Hi Insiders. This is Tuma, open source reporter from the Insider Edition. I spent last week at Bitcoin++ Istanbul — Scaling Edition. The event brought together developers and researchers that are currently working to scale Bitcoin. Here is what caught my eye:
Bitcoin++ Istanbul — Scaling Edition has just concluded. This event brought together developers and researchers currently focusing their efforts on finding new ways to scale Bitcoin.
One of the main focus on the conference was on improved ways to bridge Bitcoin to other sidechains or rollups using technologies that leverage Zero Knowledge Proofs (ZKPs). Projects building in this direction are a part of the BitVM family, and the motivation for most teams is to bring Bitcoin to the world of onchain finance. Other teams building on BitVM have other motivations such as improved privacy.
Fun fact, most projects using “ZK” aren’t actually using ZK at all. See this thread for a quick explainer 😊
Ark was another important topic of discussion during the three-day event. Core Ark, development teams spent their time explaining the advantages and the trade-offs of the protocol, how it could be used to bitcoin scaling.
It was not only Ark and bridges, but other interesting research topics were discussed, ranging from using Bitcoin as the base layer for a p2p credit system to Bitcoin-quantum questions. You can view all of the talks via our stream for Day 1 and Day 3.
Garbled Circuits was one of the primary talking points at Bitcoin++ Istanbul — Scaling Edition, and they promise to optimize BitVM implementations various teams are working on.
Most of last week’s discussion revolved around the concept of Garbled Circuits. A Garbled Circuit is a cryptographic protocol that allows two mistrusting parties to prove that a statement is true, without actually revealing the underlying information and without relying on a trusted third party.
As of today, BitVM2, the second iteration of BitVM technology developed by Robin Linus that allows to create bridges from Bitcon to other sidechains or rollups, was based on the use of SNARK verification. However, the cost of including a chunk of a SNARK verifier into a block is costly, due to its size of around 4MB (a whole bitcoin block!). The use of Garbled Circuits reduces the size of the verifier to around 70kb, a x100 improve.
While many teams are launching iterations of BitVM2 on mainnet, many teams have already announced that they will move to a BitVM3-style instance when ready. Research is currently ongoing to bring Garbled Circuit based BitVM3 to the public, due to their superior verification costs.
The hackathon at Bitcoin++ Istanbul — Scaling Edition was a success, with 9 Bitcoin related projects battling to win a 5M sats pool prize, tickets for the next Bitcoin++ conferences and more.
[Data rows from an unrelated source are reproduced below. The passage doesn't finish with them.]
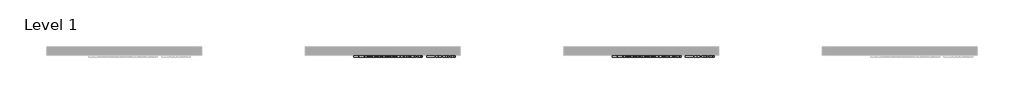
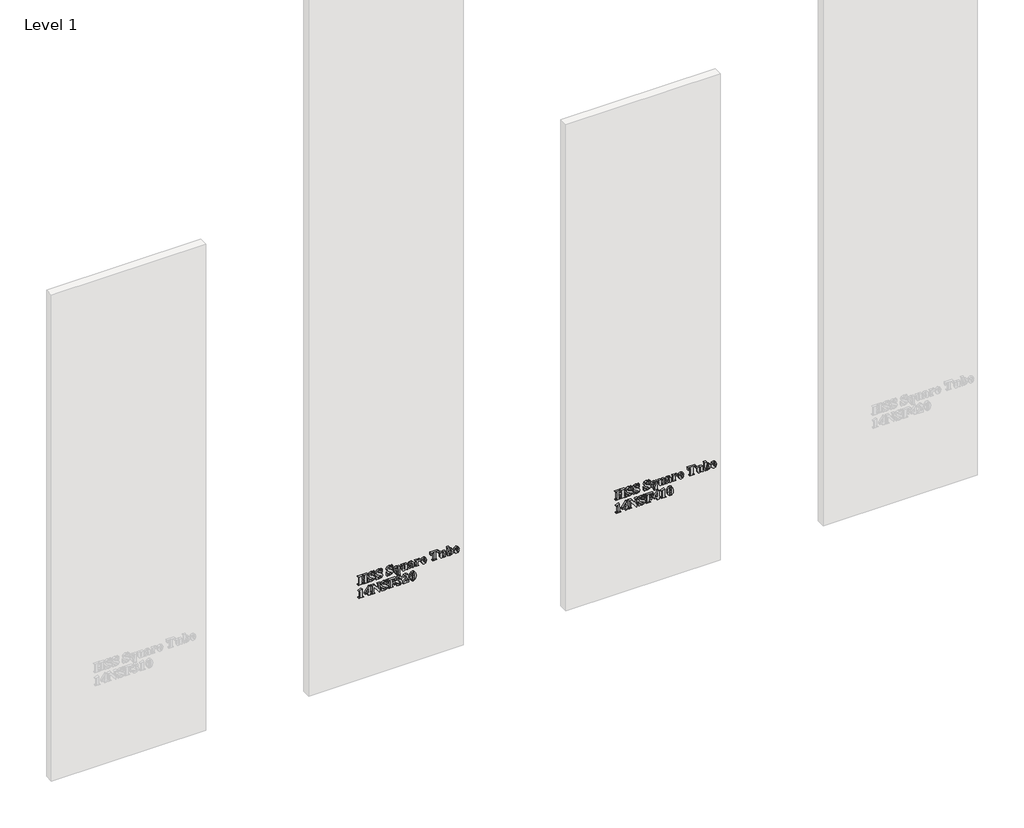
# One storey, part 2 of 21: 4 proxies.
"""IFC4 building model written with IfcOpenShell, lengths in millimetres."""

from ifc_helpers import new_model, si_unit, frame, origin, place, context, project, spatial, polyline, outline, extrude, element, save

model = new_model("IFC4")

# Units and contexts
model_context = context("Model", 3, world=origin())
ifc_project = project(units=[si_unit("LENGTHUNIT", "METRE", prefix="MILLI")], contexts=[model_context])

# Site, building, storey
site = spatial("IfcSite", under=ifc_project)
building = spatial("IfcBuilding", under=site)
storey = spatial("IfcBuildingStorey", under=building, Name="Level 1", Elevation=0.0)

# Proxies
placement = place(None, origin())
element("IfcBuildingElementProxy", 1, Name="2\"\" Arial", ObjectType="2\"\" Arial", at=placement, inside=storey, context=model_context, shape_type="SweptSolid", body=[
    extrude(outline(polyline([(625.0991907, -1958.7992544), (625.0991907, -1940.1843807), (609.1435847, -1940.1843807), (604.559118, -1940.5860409), (602.8139736, -1942.1095797), (602.0522042, -1945.6414196), (602.0522042, -1947.2757612), (600.2793591, -1947.2757612), (600.2793591, -1920.6830845), (602.0522042, -1920.6830845), (602.0522042, -1922.3174261), (602.7585722, -1925.696912), (604.4136893, -1927.3658795), (609.1435847, -1927.7744649), (643.7140644, -1927.7744649), (648.298531, -1927.3728047), (650.0436754, -1925.8492659), (650.8054448, -1922.3174261), (650.8054448, -1920.6830845), (652.5782899, -1920.6830845), (652.5782899, -1947.2757612), (650.8054448, -1947.2757612), (650.8054448, -1945.6414196), (650.0990768, -1942.2619336), (648.4439597, -1940.5929661), (643.7140644, -1940.1843807), (628.6448809, -1940.1843807), (628.6448809, -1958.7992544), (643.7140644, -1958.7992544), (648.298531, -1958.3975942), (650.0436754, -1956.8740554), (650.8054448, -1953.3699162), (650.8054448, -1951.7078739), (652.5782899, -1951.7078739), (652.5782899, -1978.3005506), (650.8054448, -1978.3005506), (650.8054448, -1976.624658), (650.0990768, -1973.2728727), (648.4439597, -1971.6177556), (643.7140644, -1971.2091702), (609.1435847, -1971.2091702), (604.559118, -1971.6108304), (602.8139736, -1973.1066685), (602.0522042, -1976.624658), (602.0522042, -1978.3005506), (600.2793591, -1978.3005506), (600.2793591, -1951.7078739), (602.0522042, -1951.7078739), (602.0522042, -1953.3699162), (602.7585722, -1956.7147763), (604.4136893, -1958.3768186), (609.1435847, -1958.7992544), (625.0991907, -1958.7992544)])), frame((0.0, -15490.3579358, 0.0), z_axis=(0.0, 1.0, 0.0), x_axis=(0.0, 0.0, 1.0)), (0.0, 0.0, 1.0), 12.7),
    extrude(outline(polyline([(653.4647125, -1879.9076469), (653.4647125, -1881.680492), (650.5284378, -1882.7885202), (649.9190223, -1884.4228618), (651.1586288, -1888.1832325), (652.855297, -1892.7330732), (653.4647125, -1897.8161526), (649.1364773, -1909.7482312), (638.6448354, -1914.4781266), (632.0382173, -1912.843785), (626.6019539, -1908.1623659), (620.6947786, -1897.3175399), (616.6504757, -1889.5613425), (613.3817925, -1886.2995845), (609.8222519, -1885.2261822), (604.3859886, -1887.8923751), (602.0522042, -1895.0599324), (606.366589, -1905.9116836), (618.8942328, -1912.7052815), (618.8942328, -1914.4781266), (599.3929366, -1914.4781266), (599.3929366, -1912.7052815), (602.0660546, -1910.8839601), (602.9386268, -1908.7440807), (602.0799049, -1905.6831528), (599.9538758, -1900.1360866), (599.3929366, -1895.4477423), (604.0743557, -1882.38686), (615.2654405, -1877.2483792), (624.365122, -1879.8660958), (632.813837, -1892.5530187), (637.3013512, -1901.6942513), (640.8608918, -1905.613901), (643.9218197, -1906.5003236), (648.7209668, -1904.0765119), (650.8054448, -1897.4975945), (646.6711146, -1887.4837897), (635.7362614, -1881.680492), (635.7362614, -1879.9076469), (653.4647125, -1879.9076469)])), frame((0.0, -15490.3579358, 0.0), z_axis=(0.0, 1.0, 0.0), x_axis=(0.0, 0.0, 1.0)), (0.0, 0.0, 1.0), 12.7),
    extrude(outline(polyline([(653.4647125, -1836.4729416), (653.4647125, -1838.2457867), (650.5284378, -1839.3538149), (649.9190223, -1840.9881565), (651.1586288, -1844.7485272), (652.855297, -1849.298368), (653.4647125, -1854.3814473), (649.1364773, -1866.3135259), (638.6448354, -1871.0434213), (632.0382173, -1869.4090797), (626.6019539, -1864.7276606), (620.6947786, -1853.8828346), (616.6504757, -1846.1266373), (613.3817925, -1842.8648793), (609.8222519, -1841.7914769), (604.3859886, -1844.4576698), (602.0522042, -1851.6252272), (606.366589, -1862.4769783), (618.8942328, -1869.2705762), (618.8942328, -1871.0434213), (599.3929366, -1871.0434213), (599.3929366, -1869.2705762), (602.0660546, -1867.4492548), (602.9386268, -1865.3093754), (602.0799049, -1862.2484475), (599.9538758, -1856.7013814), (599.3929366, -1852.0130371), (604.0743557, -1838.9521547), (615.2654405, -1833.8136739), (624.365122, -1836.4313906), (632.813837, -1849.1183134), (637.3013512, -1858.259546), (640.8608918, -1862.1791957), (643.9218197, -1863.0656183), (648.7209668, -1860.6418066), (650.8054448, -1854.0628892), (646.6711146, -1844.0490844), (635.7362614, -1838.2457867), (635.7362614, -1836.4729416), (653.4647125, -1836.4729416)])), frame((0.0, -15490.3579358, 0.0), z_axis=(0.0, 1.0, 0.0), x_axis=(0.0, 0.0, 1.0)), (0.0, 0.0, 1.0), 12.7),
    extrude(outline(polyline([(653.4647125, -1773.5369401), (653.4647125, -1775.3097852), (650.5284378, -1776.4178134), (649.9190223, -1778.052155), (651.1586288, -1781.8125257), (652.855297, -1786.3623665), (653.4647125, -1791.4454458), (649.1364773, -1803.3775244), (638.6448354, -1808.1074198), (632.0382173, -1806.4730782), (626.6019539, -1801.7916591), (620.6947786, -1790.9468331), (616.6504757, -1783.1906358), (613.3817925, -1779.9288778), (609.8222519, -1778.8554754), (604.3859886, -1781.5216683), (602.0522042, -1788.6892257), (606.366589, -1799.5409768), (618.8942328, -1806.3345747), (618.8942328, -1808.1074198), (599.3929366, -1808.1074198), (599.3929366, -1806.3345747), (602.0660546, -1804.5132533), (602.9386268, -1802.3733739), (602.0799049, -1799.312446), (599.9538758, -1793.7653799), (599.3929366, -1789.0770355), (604.0743557, -1776.0161532), (615.2654405, -1770.8776724), (624.365122, -1773.4953891), (632.813837, -1786.1823119), (637.3013512, -1795.3235445), (640.8608918, -1799.2431942), (643.9218197, -1800.1296168), (648.7209668, -1797.7058051), (650.8054448, -1791.1268877), (646.6711146, -1781.1130829), (635.7362614, -1775.3097852), (635.7362614, -1773.5369401), (653.4647125, -1773.5369401)])), frame((0.0, -15490.3579358, 0.0), z_axis=(0.0, 1.0, 0.0), x_axis=(0.0, 0.0, 1.0)), (0.0, 0.0, 1.0), 12.7),
    extrude(outline(polyline([(604.2544103, -1742.5121506), (589.6422884, -1742.5121506), (586.7683403, -1742.9138109), (585.6395366, -1744.3888734), (585.2101756, -1747.830686), (583.4373305, -1747.830686), (583.4373305, -1728.3293897), (585.2101756, -1728.3293897), (586.7475648, -1731.404168), (591.4151335, -1731.87508), (636.6226839, -1733.135462), (633.0769937, -1738.9664604), (635.7431865, -1743.1354165), (636.6226839, -1748.6755575), (634.0880694, -1757.498232), (626.761233, -1764.0563739), (616.5258225, -1766.4455597), (605.2931867, -1763.31538), (600.8679991, -1758.6547364), (599.3929366, -1752.5675065), (600.7779718, -1746.9165627), (604.2544103, -1742.5121506)]), holes=[polyline([(607.6892977, -1742.5121506), (604.7530229, -1746.064766), (603.8250493, -1749.3819254), (606.013405, -1753.4954801), (617.2460408, -1755.808489), (631.4703528, -1753.1215206), (633.9634162, -1748.3292987), (633.2570483, -1745.8500856), (629.9121882, -1743.2254438), (621.9967117, -1742.5121506), (607.6892977, -1742.5121506)])]), frame((0.0, -15490.3579358, 0.0), z_axis=(0.0, 1.0, 0.0), x_axis=(0.0, 0.0, 1.0)), (0.0, 0.0, 1.0), 12.7),
    extrude(outline(polyline([(635.7362614, -1688.4403747), (635.7362614, -1702.6231356), (633.9634162, -1702.6231356), (632.6891838, -1699.7630378), (627.7584584, -1699.0774454), (609.2959385, -1699.0774454), (605.4178399, -1702.5123328), (604.7114719, -1704.8253416), (605.2724112, -1706.528935), (606.9206031, -1707.6023373), (611.7613013, -1707.9416709), (635.7362614, -1707.9416709), (635.7362614, -1722.1244318), (633.9634162, -1722.1244318), (632.6891838, -1719.2643341), (627.7584584, -1718.5787416), (613.9081059, -1718.5787416), (605.4386154, -1717.8031219), (601.2004075, -1714.7560443), (599.3929366, -1709.5621622), (600.7017949, -1704.0289464), (605.0992818, -1699.0774454), (600.2793591, -1699.0774454), (600.2793591, -1684.8946845), (602.0522042, -1684.8946845), (603.2987359, -1687.7409319), (608.2571621, -1688.4403747), (635.7362614, -1688.4403747)])), frame((0.0, -15490.3579358, 0.0), z_axis=(0.0, 1.0, 0.0), x_axis=(0.0, 0.0, 1.0)), (0.0, 0.0, 1.0), 12.7),
    extrude(outline(polyline([(605.5978944, -1660.0748529), (600.9372508, -1658.1496539), (599.3929366, -1653.7729425), (600.7225704, -1649.5139592), (605.5286427, -1647.0416712), (605.9303029, -1649.2992787), (608.9635301, -1649.4377822), (622.6199776, -1649.4377822), (629.8914126, -1649.977946), (634.4966548, -1653.8906705), (636.6226839, -1662.0693036), (635.3069004, -1670.296413), (631.518829, -1676.4736702), (626.3318721, -1678.6897266), (622.9870119, -1677.055385), (621.5535005, -1672.9833814), (622.8762091, -1669.3061128), (626.0687154, -1667.900302), (629.2542964, -1669.354589), (631.2487472, -1670.4349165), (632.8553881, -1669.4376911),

The first place was given to Artmak, an Ark-based wallet.
The hackathon saw 9 teams of developers given 3 hours to create the best possible Bitcoin-related project, leveraging AI and vibe coding at full speed. Projects were evaluated using the Olympics Women’s Gymnastics Rubric — a rubric based on routine difficulty (project idea, potential impact of project, ambition), routine execution (project achievement, what was actually built, if it works) and general effect (swag factor, presentation, applicability to the scaling theme).
The first place was given to Artmak, an Ark-based wallet implementation. The aim of the project was to test the performance of Ark and demonstrate its scalability in a creative way. Your favorite open-source reporter’s team won the second place with CoreLLM, an AI agent trained directly on Bitcoin code that aims to help junior developers getting acquainted to its codebase. Third place was given to ZKPoor, a tool that provides cryptographic proof of bitcoin reserves without revealing individual addresses or UTXOs, strengthening bitcoin's culture of verifiable trust.
Other honorable mentions where given to valuable projects according to best design (Artmak), best use of STARKs (Bridgestr), and reality-check award (MergeSyncPi).